### Task item:
Every line of the entries below from the one containing "#10453 = LINE ( 'NONE', #330, #5183 ) ;" to the one containing "#13199 = VERTEX_POINT ( 'NONE', #12298 ) ;", both ends included, must be written out exactly. No other line belongs in the answer.

### Data shown:
######
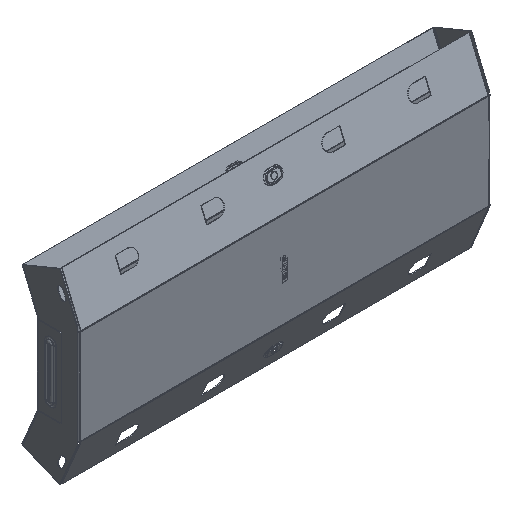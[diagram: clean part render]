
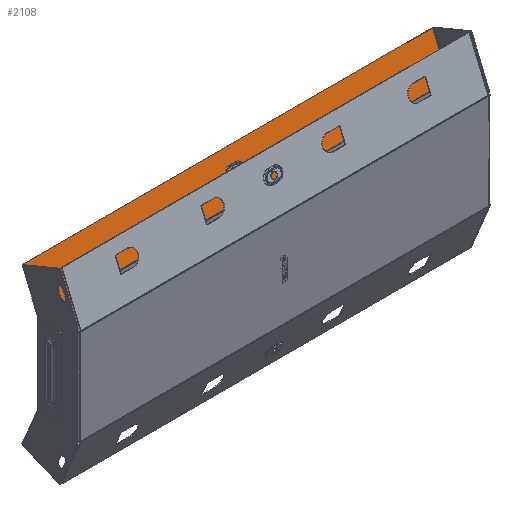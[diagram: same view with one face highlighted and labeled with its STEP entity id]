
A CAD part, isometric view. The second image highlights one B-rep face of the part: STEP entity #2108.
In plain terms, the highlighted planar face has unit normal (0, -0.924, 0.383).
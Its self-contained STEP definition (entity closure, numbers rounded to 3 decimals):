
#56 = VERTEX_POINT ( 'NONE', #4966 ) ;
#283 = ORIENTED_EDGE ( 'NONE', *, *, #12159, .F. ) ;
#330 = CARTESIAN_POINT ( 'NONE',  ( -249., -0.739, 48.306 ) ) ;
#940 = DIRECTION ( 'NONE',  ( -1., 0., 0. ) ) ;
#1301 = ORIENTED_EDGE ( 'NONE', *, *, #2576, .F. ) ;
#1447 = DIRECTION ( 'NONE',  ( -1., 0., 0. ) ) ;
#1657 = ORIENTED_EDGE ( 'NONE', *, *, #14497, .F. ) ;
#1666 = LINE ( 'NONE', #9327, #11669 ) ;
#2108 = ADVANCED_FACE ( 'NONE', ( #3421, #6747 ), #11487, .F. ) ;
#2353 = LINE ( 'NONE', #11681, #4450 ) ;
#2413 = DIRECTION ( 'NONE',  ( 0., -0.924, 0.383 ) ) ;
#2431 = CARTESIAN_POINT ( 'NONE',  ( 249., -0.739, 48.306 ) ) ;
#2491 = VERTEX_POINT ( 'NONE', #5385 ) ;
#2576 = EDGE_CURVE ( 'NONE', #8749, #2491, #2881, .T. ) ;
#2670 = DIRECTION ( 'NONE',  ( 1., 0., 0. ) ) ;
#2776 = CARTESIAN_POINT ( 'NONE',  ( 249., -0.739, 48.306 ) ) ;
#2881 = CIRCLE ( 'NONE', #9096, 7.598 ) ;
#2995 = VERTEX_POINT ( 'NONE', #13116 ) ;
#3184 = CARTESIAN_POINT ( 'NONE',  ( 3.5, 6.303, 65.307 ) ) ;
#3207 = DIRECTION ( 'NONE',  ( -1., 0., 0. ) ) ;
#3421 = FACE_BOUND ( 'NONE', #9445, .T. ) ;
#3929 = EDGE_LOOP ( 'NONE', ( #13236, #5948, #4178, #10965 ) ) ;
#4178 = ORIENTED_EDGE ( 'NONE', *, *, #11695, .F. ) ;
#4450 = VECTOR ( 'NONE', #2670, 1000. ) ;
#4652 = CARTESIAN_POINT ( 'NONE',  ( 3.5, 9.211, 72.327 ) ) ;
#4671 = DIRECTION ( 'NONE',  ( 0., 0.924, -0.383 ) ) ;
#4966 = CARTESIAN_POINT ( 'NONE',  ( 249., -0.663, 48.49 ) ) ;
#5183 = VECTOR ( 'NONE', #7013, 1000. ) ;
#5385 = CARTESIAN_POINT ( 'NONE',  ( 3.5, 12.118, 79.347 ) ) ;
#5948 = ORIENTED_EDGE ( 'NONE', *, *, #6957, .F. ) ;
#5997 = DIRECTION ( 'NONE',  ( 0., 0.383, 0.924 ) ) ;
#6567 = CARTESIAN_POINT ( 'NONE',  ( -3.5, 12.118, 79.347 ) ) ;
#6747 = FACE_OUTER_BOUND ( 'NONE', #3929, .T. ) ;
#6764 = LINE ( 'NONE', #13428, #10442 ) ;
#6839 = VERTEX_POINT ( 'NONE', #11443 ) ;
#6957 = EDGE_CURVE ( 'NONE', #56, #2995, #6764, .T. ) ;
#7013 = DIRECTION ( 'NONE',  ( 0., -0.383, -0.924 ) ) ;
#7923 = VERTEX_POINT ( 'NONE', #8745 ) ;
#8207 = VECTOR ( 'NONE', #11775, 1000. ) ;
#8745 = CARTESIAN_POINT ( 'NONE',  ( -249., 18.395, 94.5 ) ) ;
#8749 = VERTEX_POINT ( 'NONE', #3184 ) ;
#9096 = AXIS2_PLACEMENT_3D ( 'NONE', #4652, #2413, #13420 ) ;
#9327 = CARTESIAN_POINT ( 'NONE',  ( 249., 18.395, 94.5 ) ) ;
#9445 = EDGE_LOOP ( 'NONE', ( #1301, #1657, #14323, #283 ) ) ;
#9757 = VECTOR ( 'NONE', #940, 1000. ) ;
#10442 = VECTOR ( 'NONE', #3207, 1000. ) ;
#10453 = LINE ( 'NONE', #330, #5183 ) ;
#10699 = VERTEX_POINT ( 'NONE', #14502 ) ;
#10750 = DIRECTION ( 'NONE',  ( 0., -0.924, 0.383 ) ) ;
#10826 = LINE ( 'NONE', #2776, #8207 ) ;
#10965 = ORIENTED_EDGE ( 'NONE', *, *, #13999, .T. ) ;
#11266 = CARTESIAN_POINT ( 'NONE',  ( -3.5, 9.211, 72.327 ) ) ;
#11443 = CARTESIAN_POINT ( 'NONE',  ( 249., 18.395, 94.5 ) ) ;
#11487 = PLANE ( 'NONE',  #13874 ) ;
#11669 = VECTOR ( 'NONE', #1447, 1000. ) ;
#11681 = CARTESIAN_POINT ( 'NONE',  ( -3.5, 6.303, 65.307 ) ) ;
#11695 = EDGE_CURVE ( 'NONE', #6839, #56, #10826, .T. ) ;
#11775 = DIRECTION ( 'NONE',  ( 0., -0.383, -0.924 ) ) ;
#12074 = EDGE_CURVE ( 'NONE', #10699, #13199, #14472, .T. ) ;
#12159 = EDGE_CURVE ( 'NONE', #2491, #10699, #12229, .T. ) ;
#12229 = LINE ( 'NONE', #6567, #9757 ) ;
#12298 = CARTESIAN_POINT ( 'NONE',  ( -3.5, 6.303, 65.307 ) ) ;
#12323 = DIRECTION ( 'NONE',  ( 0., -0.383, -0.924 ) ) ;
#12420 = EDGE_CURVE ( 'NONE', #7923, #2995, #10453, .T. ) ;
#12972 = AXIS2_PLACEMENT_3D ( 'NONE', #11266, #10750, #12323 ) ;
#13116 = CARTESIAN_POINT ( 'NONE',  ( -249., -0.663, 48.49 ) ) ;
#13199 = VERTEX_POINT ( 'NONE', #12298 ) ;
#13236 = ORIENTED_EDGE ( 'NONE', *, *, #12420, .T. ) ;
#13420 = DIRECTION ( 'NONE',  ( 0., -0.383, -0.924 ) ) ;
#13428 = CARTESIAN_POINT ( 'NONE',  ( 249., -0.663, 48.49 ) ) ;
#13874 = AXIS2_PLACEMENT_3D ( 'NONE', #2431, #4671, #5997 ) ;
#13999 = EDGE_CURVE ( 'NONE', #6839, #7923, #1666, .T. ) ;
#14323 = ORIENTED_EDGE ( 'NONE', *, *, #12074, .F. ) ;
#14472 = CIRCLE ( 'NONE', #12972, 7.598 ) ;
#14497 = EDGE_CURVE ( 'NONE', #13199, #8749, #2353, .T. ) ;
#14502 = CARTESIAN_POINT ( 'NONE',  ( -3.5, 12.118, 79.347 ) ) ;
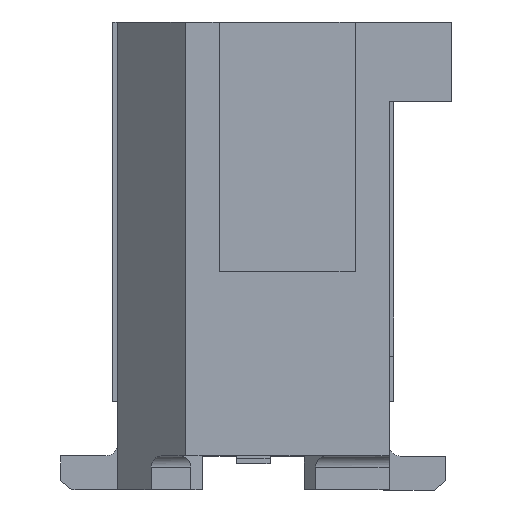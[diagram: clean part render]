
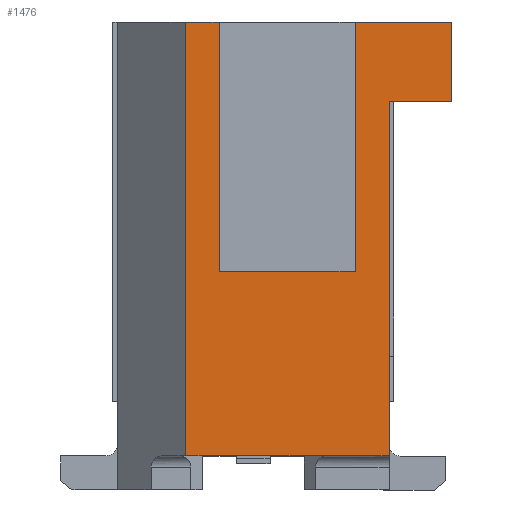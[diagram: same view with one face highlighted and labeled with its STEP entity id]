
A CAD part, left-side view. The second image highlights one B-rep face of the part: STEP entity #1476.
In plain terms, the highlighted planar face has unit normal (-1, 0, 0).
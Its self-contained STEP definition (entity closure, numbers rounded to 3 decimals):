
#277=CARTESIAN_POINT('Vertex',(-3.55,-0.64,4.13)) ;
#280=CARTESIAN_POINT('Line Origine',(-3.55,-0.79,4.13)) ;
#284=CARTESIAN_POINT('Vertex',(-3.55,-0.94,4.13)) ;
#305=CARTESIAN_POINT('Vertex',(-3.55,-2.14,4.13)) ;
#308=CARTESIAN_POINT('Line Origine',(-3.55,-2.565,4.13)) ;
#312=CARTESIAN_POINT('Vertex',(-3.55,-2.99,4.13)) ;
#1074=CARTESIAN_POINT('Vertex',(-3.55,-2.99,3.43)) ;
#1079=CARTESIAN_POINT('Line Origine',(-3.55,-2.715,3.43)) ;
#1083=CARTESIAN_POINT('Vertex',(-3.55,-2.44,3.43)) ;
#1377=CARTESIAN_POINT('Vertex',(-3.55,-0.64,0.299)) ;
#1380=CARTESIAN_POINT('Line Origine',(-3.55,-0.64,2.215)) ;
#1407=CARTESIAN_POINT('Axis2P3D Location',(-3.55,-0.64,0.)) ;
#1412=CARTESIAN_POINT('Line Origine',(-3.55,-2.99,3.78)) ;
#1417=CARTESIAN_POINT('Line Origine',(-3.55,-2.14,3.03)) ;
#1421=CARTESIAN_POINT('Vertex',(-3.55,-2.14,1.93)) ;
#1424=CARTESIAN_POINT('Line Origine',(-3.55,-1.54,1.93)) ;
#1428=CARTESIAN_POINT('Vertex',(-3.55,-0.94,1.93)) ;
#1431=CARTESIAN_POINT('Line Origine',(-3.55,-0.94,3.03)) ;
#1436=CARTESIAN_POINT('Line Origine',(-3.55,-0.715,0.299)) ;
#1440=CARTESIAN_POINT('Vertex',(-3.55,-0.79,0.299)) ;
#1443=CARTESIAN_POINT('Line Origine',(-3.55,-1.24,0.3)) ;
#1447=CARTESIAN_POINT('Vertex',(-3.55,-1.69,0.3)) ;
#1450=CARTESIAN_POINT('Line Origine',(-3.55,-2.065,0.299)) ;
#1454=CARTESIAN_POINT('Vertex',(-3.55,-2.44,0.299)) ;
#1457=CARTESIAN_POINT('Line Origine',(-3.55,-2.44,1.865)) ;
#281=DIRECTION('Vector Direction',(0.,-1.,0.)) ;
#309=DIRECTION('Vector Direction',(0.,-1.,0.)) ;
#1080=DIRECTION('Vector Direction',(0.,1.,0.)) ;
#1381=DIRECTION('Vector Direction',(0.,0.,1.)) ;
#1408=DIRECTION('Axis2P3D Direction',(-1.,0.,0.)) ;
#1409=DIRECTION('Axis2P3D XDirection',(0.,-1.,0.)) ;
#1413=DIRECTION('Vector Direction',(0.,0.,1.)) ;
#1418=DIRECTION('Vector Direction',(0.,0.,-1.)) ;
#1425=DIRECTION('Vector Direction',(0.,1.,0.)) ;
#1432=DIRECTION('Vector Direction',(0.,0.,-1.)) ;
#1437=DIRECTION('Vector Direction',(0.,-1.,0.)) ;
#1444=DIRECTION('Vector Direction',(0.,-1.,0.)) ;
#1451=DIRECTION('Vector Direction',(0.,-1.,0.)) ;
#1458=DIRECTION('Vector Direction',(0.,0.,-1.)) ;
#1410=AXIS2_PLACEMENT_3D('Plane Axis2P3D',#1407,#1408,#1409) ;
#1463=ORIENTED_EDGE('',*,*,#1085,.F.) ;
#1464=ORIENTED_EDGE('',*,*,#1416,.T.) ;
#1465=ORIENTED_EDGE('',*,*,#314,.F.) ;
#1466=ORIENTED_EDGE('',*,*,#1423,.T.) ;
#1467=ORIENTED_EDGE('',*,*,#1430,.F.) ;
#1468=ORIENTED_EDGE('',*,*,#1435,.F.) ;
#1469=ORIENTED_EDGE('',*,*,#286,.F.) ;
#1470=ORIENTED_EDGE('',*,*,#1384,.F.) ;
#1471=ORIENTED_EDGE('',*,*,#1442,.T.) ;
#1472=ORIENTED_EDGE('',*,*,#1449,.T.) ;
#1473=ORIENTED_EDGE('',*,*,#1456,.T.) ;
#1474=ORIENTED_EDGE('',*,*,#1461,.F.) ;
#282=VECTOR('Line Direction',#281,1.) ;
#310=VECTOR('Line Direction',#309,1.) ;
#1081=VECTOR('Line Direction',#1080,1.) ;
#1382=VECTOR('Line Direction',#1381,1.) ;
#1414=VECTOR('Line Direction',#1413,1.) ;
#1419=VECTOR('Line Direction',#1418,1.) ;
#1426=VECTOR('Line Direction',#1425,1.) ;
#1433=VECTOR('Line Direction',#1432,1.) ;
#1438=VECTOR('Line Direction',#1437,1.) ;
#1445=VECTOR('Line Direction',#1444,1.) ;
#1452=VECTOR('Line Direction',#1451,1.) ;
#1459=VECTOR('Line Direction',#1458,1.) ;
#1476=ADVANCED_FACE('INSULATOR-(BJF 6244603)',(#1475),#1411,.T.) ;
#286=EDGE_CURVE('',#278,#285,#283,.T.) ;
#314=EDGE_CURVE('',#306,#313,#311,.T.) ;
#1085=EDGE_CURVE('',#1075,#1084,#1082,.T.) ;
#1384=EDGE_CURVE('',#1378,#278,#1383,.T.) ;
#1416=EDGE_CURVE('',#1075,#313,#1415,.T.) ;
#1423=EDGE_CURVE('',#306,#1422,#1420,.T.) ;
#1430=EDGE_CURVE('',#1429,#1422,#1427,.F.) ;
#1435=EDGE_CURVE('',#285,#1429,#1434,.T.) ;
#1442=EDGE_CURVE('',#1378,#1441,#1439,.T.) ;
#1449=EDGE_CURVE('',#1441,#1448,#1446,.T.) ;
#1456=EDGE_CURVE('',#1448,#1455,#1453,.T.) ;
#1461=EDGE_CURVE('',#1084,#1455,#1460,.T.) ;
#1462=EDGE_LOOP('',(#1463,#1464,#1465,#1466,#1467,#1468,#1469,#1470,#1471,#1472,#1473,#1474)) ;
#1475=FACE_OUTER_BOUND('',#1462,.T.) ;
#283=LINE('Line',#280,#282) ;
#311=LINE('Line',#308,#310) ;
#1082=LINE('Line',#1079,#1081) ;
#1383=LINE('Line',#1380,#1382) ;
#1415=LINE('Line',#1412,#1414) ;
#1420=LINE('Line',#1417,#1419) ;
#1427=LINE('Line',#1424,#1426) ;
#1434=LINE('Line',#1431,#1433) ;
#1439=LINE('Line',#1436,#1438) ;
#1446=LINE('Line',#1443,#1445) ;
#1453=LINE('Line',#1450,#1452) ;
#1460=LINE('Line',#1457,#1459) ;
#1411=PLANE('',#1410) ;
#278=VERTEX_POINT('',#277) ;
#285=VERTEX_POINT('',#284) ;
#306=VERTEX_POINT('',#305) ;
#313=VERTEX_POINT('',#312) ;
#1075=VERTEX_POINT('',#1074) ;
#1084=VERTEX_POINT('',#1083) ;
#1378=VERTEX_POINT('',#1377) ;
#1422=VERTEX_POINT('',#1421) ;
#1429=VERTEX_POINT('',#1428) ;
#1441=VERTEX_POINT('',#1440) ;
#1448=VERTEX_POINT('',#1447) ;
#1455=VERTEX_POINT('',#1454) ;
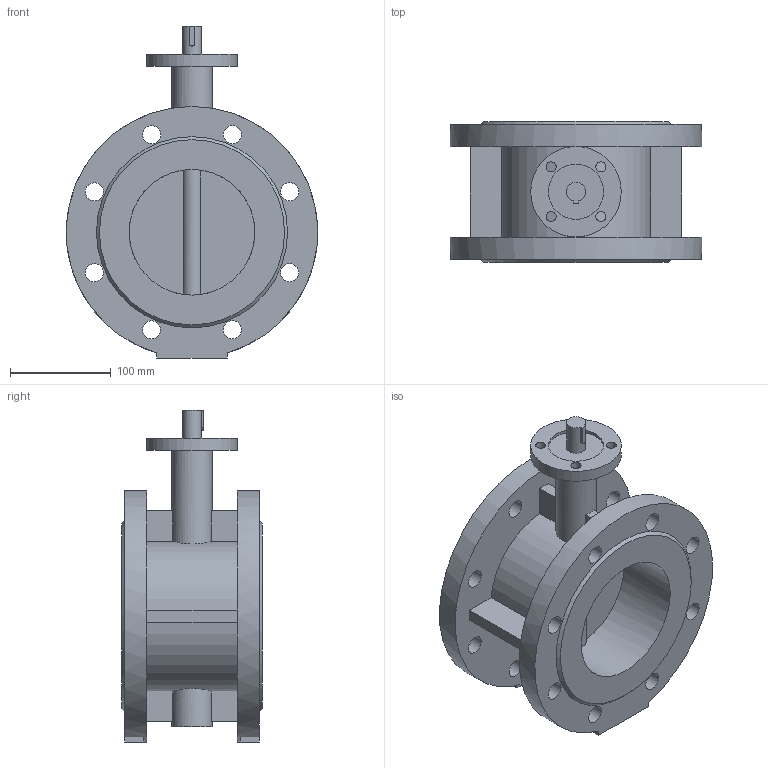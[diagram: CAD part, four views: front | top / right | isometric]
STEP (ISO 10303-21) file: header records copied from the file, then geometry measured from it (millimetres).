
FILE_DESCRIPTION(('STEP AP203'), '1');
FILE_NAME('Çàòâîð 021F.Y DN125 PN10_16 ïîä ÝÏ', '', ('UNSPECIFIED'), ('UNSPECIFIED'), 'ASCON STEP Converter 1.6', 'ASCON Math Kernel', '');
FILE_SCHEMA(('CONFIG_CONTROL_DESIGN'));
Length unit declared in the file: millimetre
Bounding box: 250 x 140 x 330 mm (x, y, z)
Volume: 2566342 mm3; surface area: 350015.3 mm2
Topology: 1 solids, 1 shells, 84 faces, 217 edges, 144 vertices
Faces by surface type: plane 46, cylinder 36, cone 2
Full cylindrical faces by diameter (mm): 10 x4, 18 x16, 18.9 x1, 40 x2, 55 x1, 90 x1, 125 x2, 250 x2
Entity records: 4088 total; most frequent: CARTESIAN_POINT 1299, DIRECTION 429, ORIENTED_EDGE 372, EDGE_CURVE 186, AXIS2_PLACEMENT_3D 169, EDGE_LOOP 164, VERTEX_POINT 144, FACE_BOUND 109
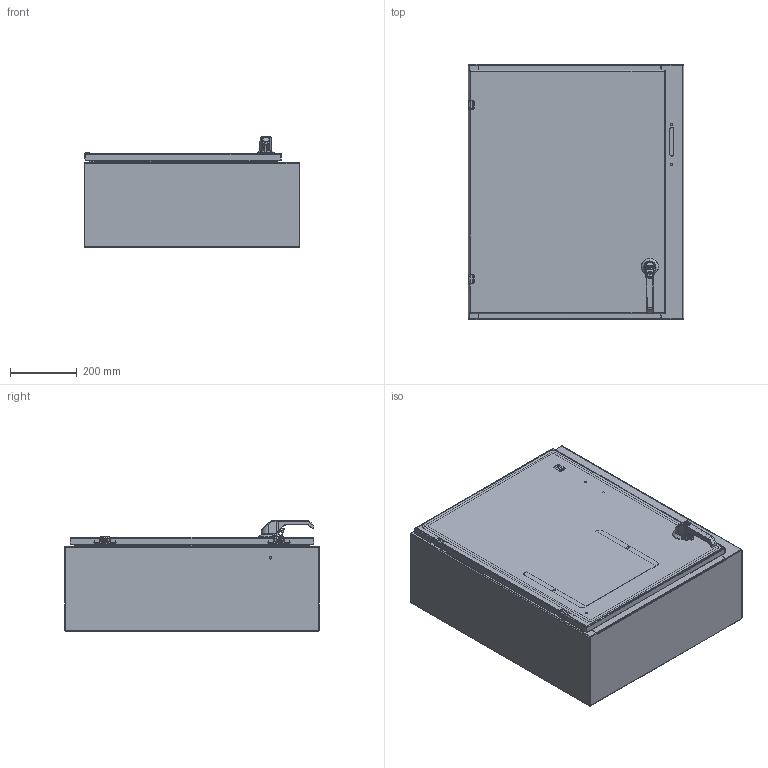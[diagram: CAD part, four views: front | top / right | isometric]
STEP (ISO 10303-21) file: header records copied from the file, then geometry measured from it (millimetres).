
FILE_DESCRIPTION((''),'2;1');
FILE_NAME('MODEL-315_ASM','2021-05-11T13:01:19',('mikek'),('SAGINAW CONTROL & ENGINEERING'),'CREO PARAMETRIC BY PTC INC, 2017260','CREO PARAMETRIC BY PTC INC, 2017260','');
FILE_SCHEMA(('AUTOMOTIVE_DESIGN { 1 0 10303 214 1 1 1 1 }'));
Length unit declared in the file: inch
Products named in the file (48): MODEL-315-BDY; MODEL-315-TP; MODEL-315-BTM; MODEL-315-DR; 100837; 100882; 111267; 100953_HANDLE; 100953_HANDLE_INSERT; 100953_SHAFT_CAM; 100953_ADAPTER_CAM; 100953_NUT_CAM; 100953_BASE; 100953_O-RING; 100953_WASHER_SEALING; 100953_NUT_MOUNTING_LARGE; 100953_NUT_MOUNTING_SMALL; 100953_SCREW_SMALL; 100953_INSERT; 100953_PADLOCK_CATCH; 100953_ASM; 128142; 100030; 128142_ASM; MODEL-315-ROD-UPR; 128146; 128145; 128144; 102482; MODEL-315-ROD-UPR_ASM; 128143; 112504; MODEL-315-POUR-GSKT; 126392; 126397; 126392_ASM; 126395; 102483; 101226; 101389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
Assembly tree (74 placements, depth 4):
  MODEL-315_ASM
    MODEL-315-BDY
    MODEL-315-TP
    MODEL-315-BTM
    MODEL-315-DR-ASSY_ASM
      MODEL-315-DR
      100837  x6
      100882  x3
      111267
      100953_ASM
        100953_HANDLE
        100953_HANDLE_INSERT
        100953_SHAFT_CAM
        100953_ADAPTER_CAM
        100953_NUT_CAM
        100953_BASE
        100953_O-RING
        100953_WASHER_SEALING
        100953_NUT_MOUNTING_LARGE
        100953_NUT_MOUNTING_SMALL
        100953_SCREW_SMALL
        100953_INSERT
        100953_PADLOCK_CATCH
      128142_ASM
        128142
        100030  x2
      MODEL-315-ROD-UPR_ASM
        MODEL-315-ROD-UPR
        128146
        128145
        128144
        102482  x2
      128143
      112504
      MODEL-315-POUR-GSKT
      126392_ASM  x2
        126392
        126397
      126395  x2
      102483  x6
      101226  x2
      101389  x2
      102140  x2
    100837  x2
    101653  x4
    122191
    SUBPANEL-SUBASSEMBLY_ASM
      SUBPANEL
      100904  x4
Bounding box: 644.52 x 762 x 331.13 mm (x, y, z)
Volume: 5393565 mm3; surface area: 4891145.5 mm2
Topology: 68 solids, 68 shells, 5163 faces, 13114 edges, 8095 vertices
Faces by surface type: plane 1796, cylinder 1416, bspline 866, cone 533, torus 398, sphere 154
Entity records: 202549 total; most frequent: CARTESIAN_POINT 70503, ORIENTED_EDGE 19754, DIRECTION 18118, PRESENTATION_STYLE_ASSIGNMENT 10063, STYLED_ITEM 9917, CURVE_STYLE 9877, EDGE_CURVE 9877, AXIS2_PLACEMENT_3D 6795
######
### Worked solution:
#10453 = LINE ( 'NONE', #330, #5183 ) ;
#10699 = VERTEX_POINT ( 'NONE', #14502 ) ;
#10750 = DIRECTION ( 'NONE',  ( 0., -0.924, 0.383 ) ) ;
#10826 = LINE ( 'NONE', #2776, #8207 ) ;
#10965 = ORIENTED_EDGE ( 'NONE', *, *, #13999, .T. ) ;
#11266 = CARTESIAN_POINT ( 'NONE',  ( -3.5, 9.211, 72.327 ) ) ;
#11443 = CARTESIAN_POINT ( 'NONE',  ( 249., 18.395, 94.5 ) ) ;
#11487 = PLANE ( 'NONE',  #13874 ) ;
#11669 = VECTOR ( 'NONE', #1447, 1000. ) ;
#11681 = CARTESIAN_POINT ( 'NONE',  ( -3.5, 6.303, 65.307 ) ) ;
#11695 = EDGE_CURVE ( 'NONE', #6839, #56, #10826, .T. ) ;
#11775 = DIRECTION ( 'NONE',  ( 0., -0.383, -0.924 ) ) ;
#12074 = EDGE_CURVE ( 'NONE', #10699, #13199, #14472, .T. ) ;
#12159 = EDGE_CURVE ( 'NONE', #2491, #10699, #12229, .T. ) ;
#12229 = LINE ( 'NONE', #6567, #9757 ) ;
#12298 = CARTESIAN_POINT ( 'NONE',  ( -3.5, 6.303, 65.307 ) ) ;
#12323 = DIRECTION ( 'NONE',  ( 0., -0.383, -0.924 ) ) ;
#12420 = EDGE_CURVE ( 'NONE', #7923, #2995, #10453, .T. ) ;
#12972 = AXIS2_PLACEMENT_3D ( 'NONE', #11266, #10750, #12323 ) ;
#13116 = CARTESIAN_POINT ( 'NONE',  ( -249., -0.663, 48.49 ) ) ;
#13199 = VERTEX_POINT ( 'NONE', #12298 ) ;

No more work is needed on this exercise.